- _Directions_: From the first line of the data below, repeat each line exactly until you reach the line with "## Design history"; include that line too.

- _Data for review_:

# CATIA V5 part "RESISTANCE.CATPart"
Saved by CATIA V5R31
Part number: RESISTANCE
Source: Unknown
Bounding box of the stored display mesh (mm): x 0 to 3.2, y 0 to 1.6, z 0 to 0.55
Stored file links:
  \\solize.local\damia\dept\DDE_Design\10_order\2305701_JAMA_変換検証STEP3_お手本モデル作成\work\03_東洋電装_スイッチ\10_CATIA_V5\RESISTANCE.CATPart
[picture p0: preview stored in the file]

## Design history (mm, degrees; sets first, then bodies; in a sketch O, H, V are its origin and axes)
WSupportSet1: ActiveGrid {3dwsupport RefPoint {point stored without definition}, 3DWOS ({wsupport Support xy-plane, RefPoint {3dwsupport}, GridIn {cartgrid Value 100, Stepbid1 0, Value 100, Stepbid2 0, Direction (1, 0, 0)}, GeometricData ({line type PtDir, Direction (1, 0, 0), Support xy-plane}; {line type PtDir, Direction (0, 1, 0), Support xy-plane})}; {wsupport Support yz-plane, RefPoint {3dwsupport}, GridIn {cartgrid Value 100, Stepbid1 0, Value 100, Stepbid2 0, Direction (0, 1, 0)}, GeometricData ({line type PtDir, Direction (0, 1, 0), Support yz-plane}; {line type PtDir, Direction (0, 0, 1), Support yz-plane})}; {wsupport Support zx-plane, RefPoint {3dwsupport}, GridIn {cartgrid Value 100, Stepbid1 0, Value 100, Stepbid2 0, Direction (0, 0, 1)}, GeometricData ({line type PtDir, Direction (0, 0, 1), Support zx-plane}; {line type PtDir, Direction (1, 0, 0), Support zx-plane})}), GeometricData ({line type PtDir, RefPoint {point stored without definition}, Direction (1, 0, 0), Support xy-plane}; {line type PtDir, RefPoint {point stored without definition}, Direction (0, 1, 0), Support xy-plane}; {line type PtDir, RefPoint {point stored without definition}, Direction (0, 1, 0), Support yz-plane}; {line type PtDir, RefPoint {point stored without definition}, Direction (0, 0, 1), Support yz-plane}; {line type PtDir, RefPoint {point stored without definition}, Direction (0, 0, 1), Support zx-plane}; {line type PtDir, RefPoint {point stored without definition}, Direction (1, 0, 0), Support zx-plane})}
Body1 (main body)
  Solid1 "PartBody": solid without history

- _Result of this task_:
# CATIA V5 part "RESISTANCE.CATPart"
Saved by CATIA V5R31
Part number: RESISTANCE
Source: Unknown
Bounding box of the stored display mesh (mm): x 0 to 3.2, y 0 to 1.6, z 0 to 0.55
Stored file links:
  \\solize.local\damia\dept\DDE_Design\10_order\2305701_JAMA_変換検証STEP3_お手本モデル作成\work\03_東洋電装_スイッチ\10_CATIA_V5\RESISTANCE.CATPart
[picture p0: preview stored in the file]

## Design history (mm, degrees; sets first, then bodies; in a sketch O, H, V are its origin and axes)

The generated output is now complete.